GENEL KURUL KONUŞMASI
Konu: Bireysel Emeklilik Tasarruf ve Yatırım Sistemi Kanunu ile Bazı Kanunlarda ve 375 Sayılı Kanun Hükmünde Kararnamede Değişiklik Yapılmasına Dair Kanun Teklifi münasebetiyle
Yasama Yılı:5
Birleşim:45
Tarih:12.01.2022

MUSA PİROĞLU (İstanbul) - Sayın Başkan, milyonların gözü bugün bu Mecliste; emekliler zamlarını bekliyor, memurlar zam oranlarının yükseltilmesini bekliyor ama sanırım bu Mecliste emeklilere sefaleti dayatanların, memura yüzde 2,5 zam önerenlerin bununla alakası yok. Halkımız görmüyor olabilir, ben tarif edeyim: Az önce yoklama yapıldığında iktidar sıralarında 205 kişi vardı, şu anda 20 kişi var ya da yok ve buradan insanların hayatını belirleyen kanunlar çıkacak, insanların ücretlerini belirleyen kanunlar çıkacak, bunu bu iktidar getirecek, bunlar gelip oylama sırasında yeniden oy kullanacaklar.

Emekliler, yoksullar ve işçiler Meclisine gözlerini dikmiş, iktidarın Meclisten kendilerini görmesini, kendi sorunlarını duymasını bekliyorlar ama ne yazık ki bu konuda yanılacaklar.

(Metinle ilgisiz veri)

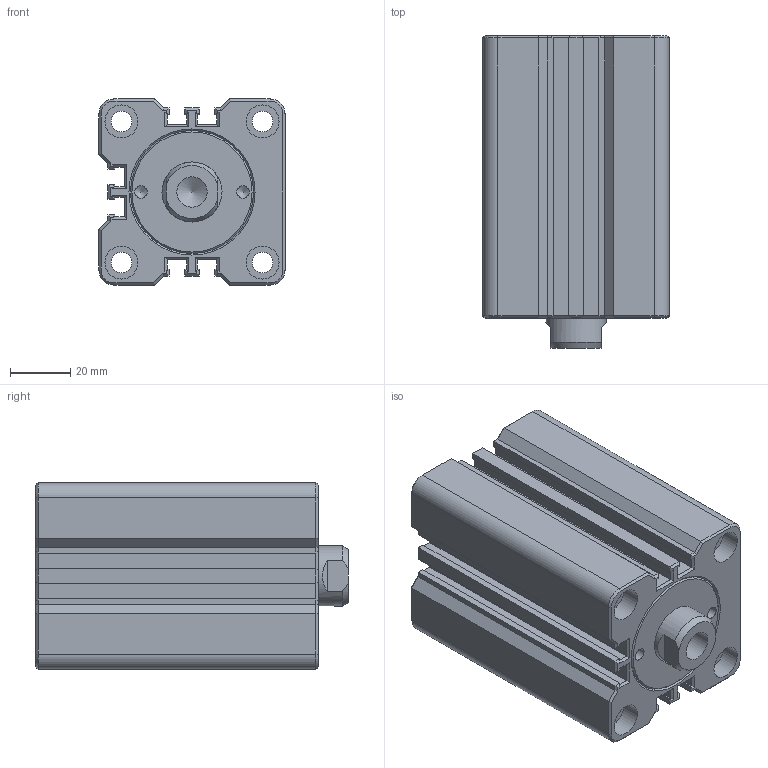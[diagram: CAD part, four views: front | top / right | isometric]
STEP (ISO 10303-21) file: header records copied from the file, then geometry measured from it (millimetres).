
FILE_DESCRIPTION(/* description */ ('Unknown'),/* implementation_level */ '2;1');
FILE_NAME(/* name */ 'HTM70-SD32X40N',/* time_stamp */ '2022-08-31T02:45:16+08:00',/* author */ ('Unknown'),/* organization */ ('Unknown'),/* preprocessor_version */ 'ST-DEVELOPER v16.7',/* originating_system */ 'DEX',/* authorisation */ $);
FILE_SCHEMA (('AUTOMOTIVE_DESIGN {1 0 10303 214 3 1 1}'));
Length unit declared in the file: millimetre
Products named in the file (1): HTM70-SD32X40N
Bounding box: 62 x 104 x 62 mm (x, y, z)
Volume: 303145.1 mm3; surface area: 48199.7 mm2
Topology: 1 solids, 1 shells, 271 faces, 624 edges, 369 vertices
Faces by surface type: plane 212, cone 24, cylinder 23, bspline 12
Full cylindrical faces by diameter (mm): 4.1 x2, 6 x1, 6.8 x4, 10.106 x1, 11 x8, 12.301 x2, 20 x1
Entity records: 9223 total; most frequent: CARTESIAN_POINT 1451, ORIENTED_EDGE 1170, DIRECTION 1148, EDGE_CURVE 585, LINE 474, VECTOR 474, VERTEX_POINT 360, AXIS2_PLACEMENT_3D 337

Bu Meclisteki iktidar çoğunluğunun görmeme sorunu yok; halkın sorunlarını gayet iyi biliyorlar, halkın yaşadığı sıkıntıyı da biliyorlar çünkü onu bunlar yaratıyor. Bu iktidar yoksulluğun temel sorumlusudur, bu iktidar emeklilerin yaşadığı sefaletin temel sorumlusudur. Bu bir politik tercihtir, bu bir sınıfsal tercihtir. Bugün getirilen torba yasa bu tercihin ne olduğunu gösteriyor; emeklilere toplamda 3,5 milyar zam verecekler ama müteahhitlere 10 milyar verecekler çünkü bu iktidarın tek derdi müteahhidin cebine biraz daha fazla servet koymak, yandaş sermayeyi biraz daha büyütmek, tekellerin daha fazla büyümesini sağlamak. Ne uğruna? Halkın sefaleti, halkın yoksulluğu uğruna. Ben, 15 Aralık tarihinde bütçe konuşmasında, asgari ücretten hemen önce demiştim ki asgari ücret 4 bin değil 10 bin olsa ne yazar? Asgari ücreti 4 bin lira yaptılar ve ocaktan bu yana, 1 Ocaktan bu yana asgari ücretli daha maaşını almadan her şeyin bittiğini gördü. Ben sayayım, elektriğe bir yılda yüzde 155 zam yaptılar, LPG'ye yüzde 143, motorine yüzde 90, benzine yüzde 78, gıda ürünlerine yüzde 80 zam yaptılar ve bugün emekliye ve bugün memura sefalet dayatmaya çalışıyorlar. Emekliyi 2.500 lirayla çalışmaya, memuru ise yüzde 2,5 zamla kandırmaya çalışıyorlar. Kış geldi, kar yağıyor; insanların ısınma, insanların aydınlanma, insanların karnını doyurma gibi bir sorunu var ve iktidar şunu yapmaya başladı: Dün, bir hafta, bir ay, bir iki ay önce buraya çıkan hepsi "Yoksulluk yok, kuru ekmekle karın doyar, bu ülkede işsizlik yok." diyorlardı; bugünse insanların yoksulluğa dayanmasını, yoksulluğa katlanmasını, lokmasını küçültmesini, simitle karnını doyurmasını bekliyorlar. Bir laf var "Allah insanı utandırmasın." diye, bence eksik "Allah insanda utanacak yüz bıraksın." Çünkü bu yüz gideli çoktan bu iktidarın bu konuda yüzü kalmamış durumda, insanda utanacak yüz yoksa bu lafları, çıkar, buradan rahatlıkla söyler.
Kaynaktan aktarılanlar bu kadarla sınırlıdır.